Studies show these changes occur in the prefrontal cortex, where logic and reasoning functions occur but where development is the slowest, something Prinz taught parents while discussing the science behind the teenage brain during his first parenting class of the year. The parenting class, which is held on Wednesdays from 5:30 to 7 p.m. in the school library, highlights improving relationships and fostering mutual respect between parents and their teenagers.
“What we’re doing [during the teenage years] is shaping out the brain,” Prinz said. “It’s like pruning.”
Maryam Ebrahimi, the mother of freshman Farmehr Chavosh Akbari, attended Prinz’s class on the teenage brain. Despite the stereotypical teenager’s impulsive behavior , she still believes that teenagers are more analytical and perceptive.
“They really know more than me,” Ebrahimi said. “[When I was younger] we just listened to parents and believed them. But here they’re more open-minded about what they do.”
Prinz believes that teaching parents about the teenage brain allows parents to become more compassionate when speaking to their teens and to not get so worked up or excited. Still, he warns to be careful about reading too much into the science.
“Theories are theories,” Prinz said, “and theories are only helpful depending on what kind of effects that they produce.”
Parents of teenagers like Fallon and Ebrahimi recognize this.
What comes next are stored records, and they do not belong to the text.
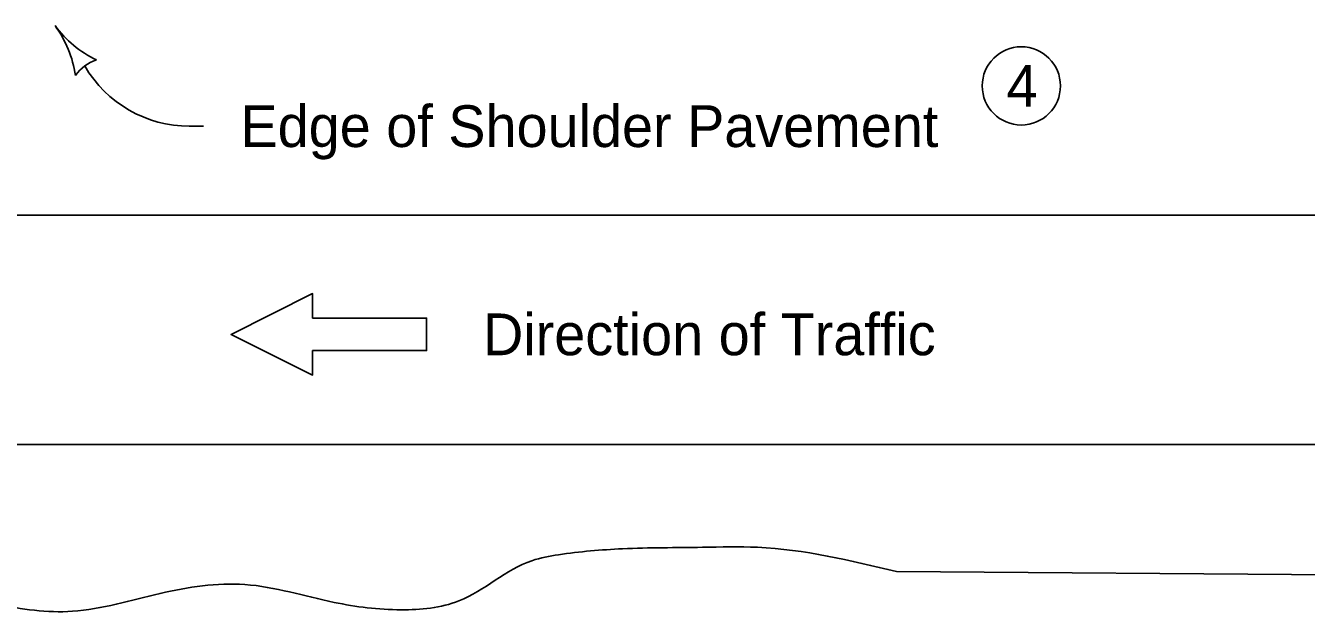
# Model space of a CAD drawing. Extents: x 6410 to 81668, y 3928 to 11667.
# Drawn here: x 11038.4 to 11529.5, y 9461 to 9688.2 of the extents above; entities that cross this region are included whole.
import ezdxf

# ---------------------------------------------------------------- set-up
doc = ezdxf.new("R2010")
doc.units = 0
for name, color, linetype in [('dsnCellElements', 7, 'Continuous'), ('dsnStdBlockModified', 7, 'Continuous'), ('dsnStdLineWork', 7, 'Continuous'), ('Level 11', 7, 'Continuous'), ('Level 12', 7, 'Continuous'), ('Level 7', 7, 'Continuous')]:
    doc.layers.add(name, color=color, linetype=linetype)

msp = doc.modelspace()

# ---------------------------------------------------------------- linework, layer by layer
at = {"layer": 'dsnCellElements'}
msp.add_line((11101.1, 9649.65), (11106.55, 9649.65), dxfattribs=at)
for centre, radius, start, end in [((11083.84, 9713.4), 42.5, 216.3726, 244.445), ((11015.4, 9662.99), 42.5, 8.3001, 36.3726), ((11070.75, 9659.5), 16.42, 108.6392, 144.1059), ((11101.16, 9696.11), 46.46, 210.2274, 270)]:
    msp.add_arc(centre, radius, start, end, dxfattribs=at)
at = {"layer": 'dsnStdBlockModified'}
for p, q in [((10369.86, 9615.54), (11983.65, 9615.54)), ((11372.34, 9478.91), (11701.54, 9476.45))]:
    msp.add_line(p, q, dxfattribs=at)
msp.add_spline([(10373.93, 9471.82), (10383.36, 9474.4), (10413.58, 9473.83), (10441.52, 9465.84), (10468.89, 9464.7), (10487.14, 9470.4), (10513.94, 9469.83), (10538.46, 9465.27), (10562.41, 9468.69), (10579.52, 9473.83), (10619.43, 9466.41), (10646.23, 9462.42), (10670.75, 9471.54), (10693.56, 9473.26), (10732.34, 9467.55), (10731.77, 9467.55), (10752.92, 9465.95), (10789.99, 9468.8), (10815.08, 9471.65), (10833.9, 9475.08), (10857.85, 9474.5), (10879.51, 9471.08), (10905.17, 9466.52), (10938.82, 9467.66), (10970.18, 9473.93), (10995.27, 9473.93), (11027.2, 9466.52), (11056.29, 9463.67), (11089.93, 9470.51), (11122.43, 9473.93), (11156.65, 9467.09), (11182.31, 9464.24), (11204.54, 9467.66), (11232.49, 9483.06), (11242.75, 9485.34), (11267.27, 9487.63), (11297.93, 9488.2), (11319.03, 9488.2), (11372.34, 9478.91)], degree=3, dxfattribs=at)
at = {"layer": 'dsnStdLineWork'}
msp.add_lwpolyline([(11148.4, 9576.09), (11148.4, 9585.47), (11117.15, 9569.84), (11148.4, 9554.22), (11148.4, 9563.59), (11192.15, 9563.59), (11192.15, 9576.09), (11148.4, 9576.09)], dxfattribs=at)
at = {"layer": 'Level 11'}
msp.add_line((10353.26, 9527.62), (11995.29, 9527.62), dxfattribs=at)
at = {"layer": 'Level 12'}
msp.add_lwpolyline([(11192.15, 9576.09), (11192.15, 9563.59), (11148.4, 9563.59), (11148.4, 9554.22), (11117.15, 9569.84), (11148.4, 9585.47), (11148.4, 9576.09)], close=True, dxfattribs=at)
at = {"layer": 'Level 7'}
msp.add_circle((11420.2, 9665.08), 15, dxfattribs=at)

# ---------------------------------------------------------------- texts
at = {"layer": 'dsnCellElements'}
for s, p in [('Edge of Shoulder Pavement', (11120.74, 9641.65)), ('Direction of Traffic', (11213.76, 9561.84))]:
    msp.add_text(s, height=16, dxfattribs=at).set_placement(p)
at = {"layer": 'Level 7'}
msp.add_text('4', height=16, dxfattribs=at).set_placement((11414.53, 9657.08))

doc.saveas('drawing.dxf')

When asked whether they would change their parenting styles because of greater understanding of the scientific reasons for teenage behavior, both said they would not.
“As a parent of teenagers, you’re trying to balance giving your child freedom,” Fallon said, “while still providing the support and guidance.”
Ebrahimi agrees and emphasizes Prinz’s focus on developing positive experiences for teens.
“If we make a good friendship with [our teenagers],” Ebrahimi said, “then we can learn from them, and they can [learn from us].”